Lessons from the COVID‐19 experience can minimise the morbidity, mortality and social disruption of future pandemics
Our society and health care systems have experienced significant challenges and undergone major changes as a consequence of the coronavirus disease 2019 (COVID‐19) pandemic: from the dramatic early days, with high rates of morbidity and mortality overseas,1,2 and the long, difficult lockdowns in several Australian states to incredible advances in medical knowledge in terms of both vaccination and treatment.

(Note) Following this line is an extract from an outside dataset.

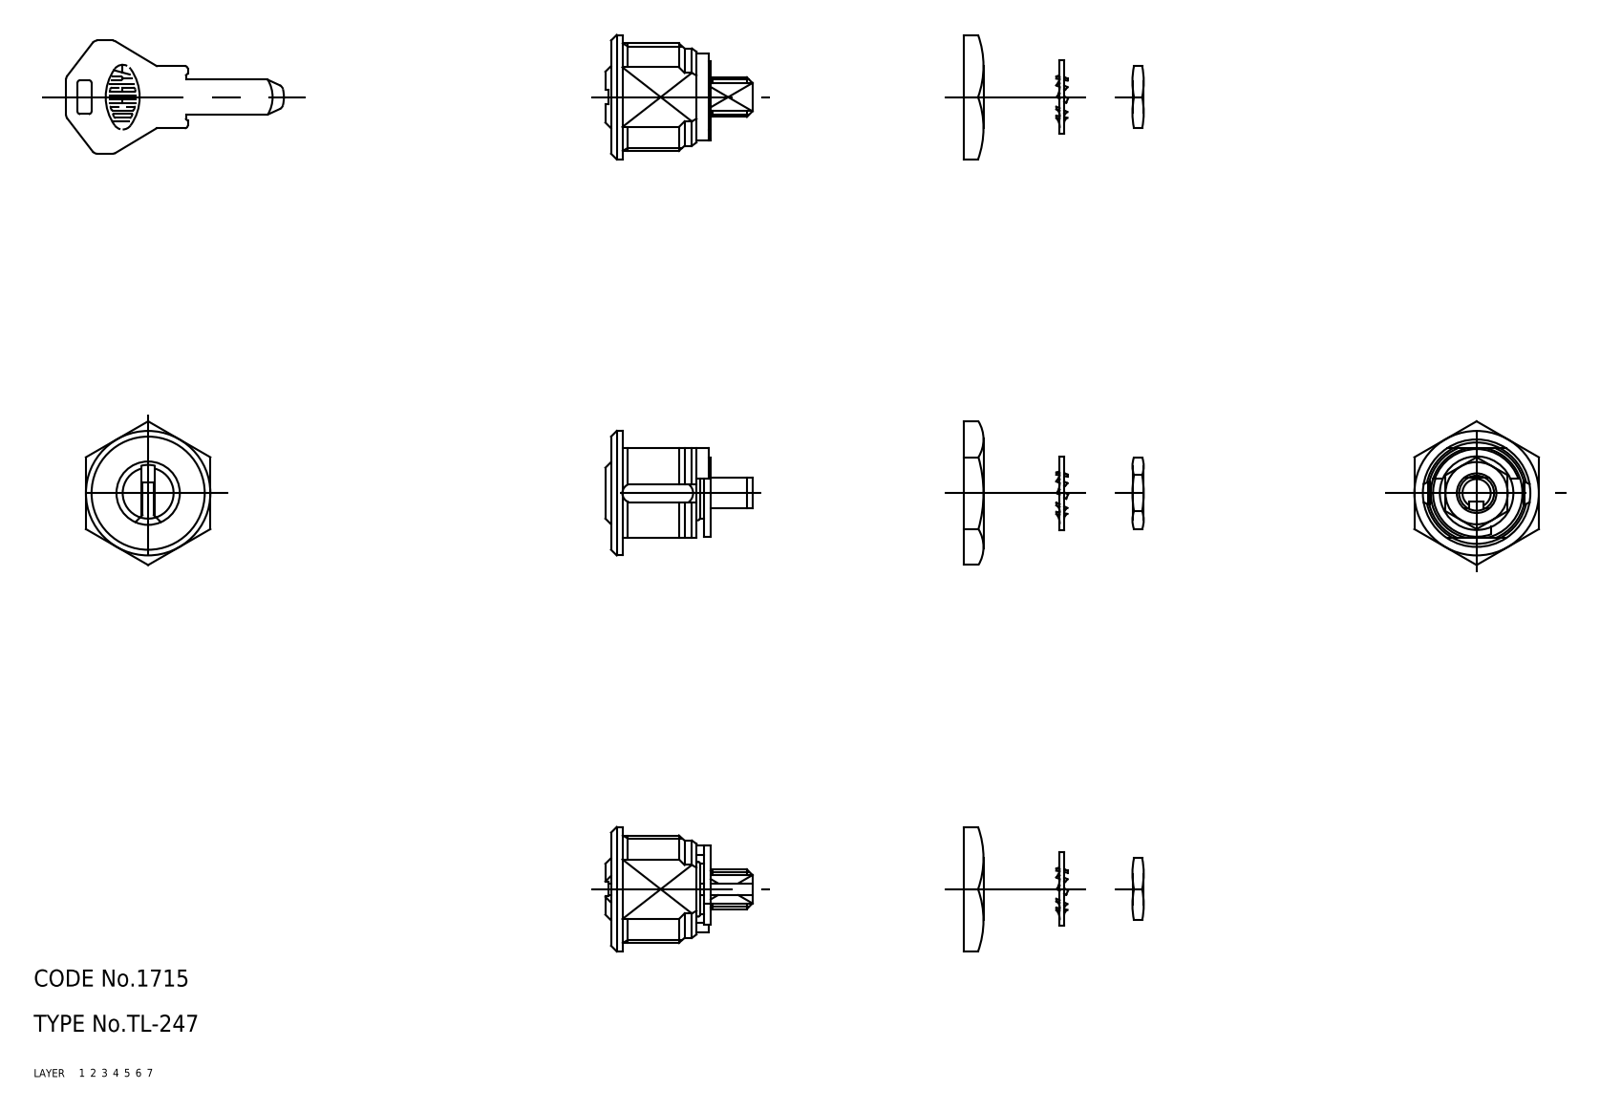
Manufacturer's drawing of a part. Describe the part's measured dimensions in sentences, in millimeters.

However, what the future holds is unclear. Further waves of severe acute respiratory syndrome coronavirus 2 (SARS‐CoV‐2) infections are likely, either because of waning of the immunity acquired during previous infection or vaccination, or new viral variants that evade immunity. Of equal importance, new pathogens will cause further pandemics. The lessons from our COVID‐19 experience will help determine our ability to respond in a timely manner to new pathogens and consequently minimise the morbidity, mortality and social disruption they cause.3
The article by Rowe and colleagues4 adds to the lessons of the COVID‐19 pandemic. The authors describe associations between SARS‐CoV‐2 infection (25 January 2020 – 31 May 2021) and the incidence of hospitalisation in Victoria with selected respiratory and non‐respiratory conditions. The period included was early in the pandemic, when most Victorians were unvaccinated and had not been previously infected with SARS‐CoV‐2; vaccination began in February 2021, and by 31 May 2021 about 7.6% of the Victorian population had been vaccinated.5
Rowe and her colleagues4 analysed hospital admissions during the twelve months preceding and the twelve months following a COVID‐19 diagnosis by linking the data of people with confirmed infections recorded in the Victorian Department of Health Transmission and Response Epidemiology Victoria (TREVi) database with data from the Victorian Admitted Episodes Dataset (VAED) and the Victorian Death Index (VDI). The authors compared the incidence of hospitalisation with each of several severe conditions after and before exposure to SARS‐CoV‐2 infection. Rowe and colleagues found that the incidence of hospitalisations with myocarditis and pericarditis, pulmonary thromboembolism, thrombocytopenia, acute myocardial infarction, cerebral infarction, and respiratory complications were significantly higher after than before exposure.4
The authors acknowledge that, as the vaccination rollout in Victoria coincided with a change in the dominant SARS‐CoV‐2 strain (from Delta to Omicron), the relative contributions of vaccination and strain attenuation to changes in the rates of severe conditions are unknown. Nevertheless, they rightly assert that their study provides a “useful baseline for exploring variations in complication rates modified by these factors”.4
Community immunity to SARS‐CoV‐2 is currently high because of both vaccination and infection, and protection against severe disease has largely been maintained among the vaccinated.6 However, at the time of writing (November) case numbers are again rising across Australia, reflecting community transmission of the Omicron variants XBB and BQ.1.7 The burden of disease is still high in certain population groups, particularly people with compromised immune systems, including older people who cannot mount effective immune responses to either vaccination or infection. We still need better preventive and therapeutic options to protect the most vulnerable in our society.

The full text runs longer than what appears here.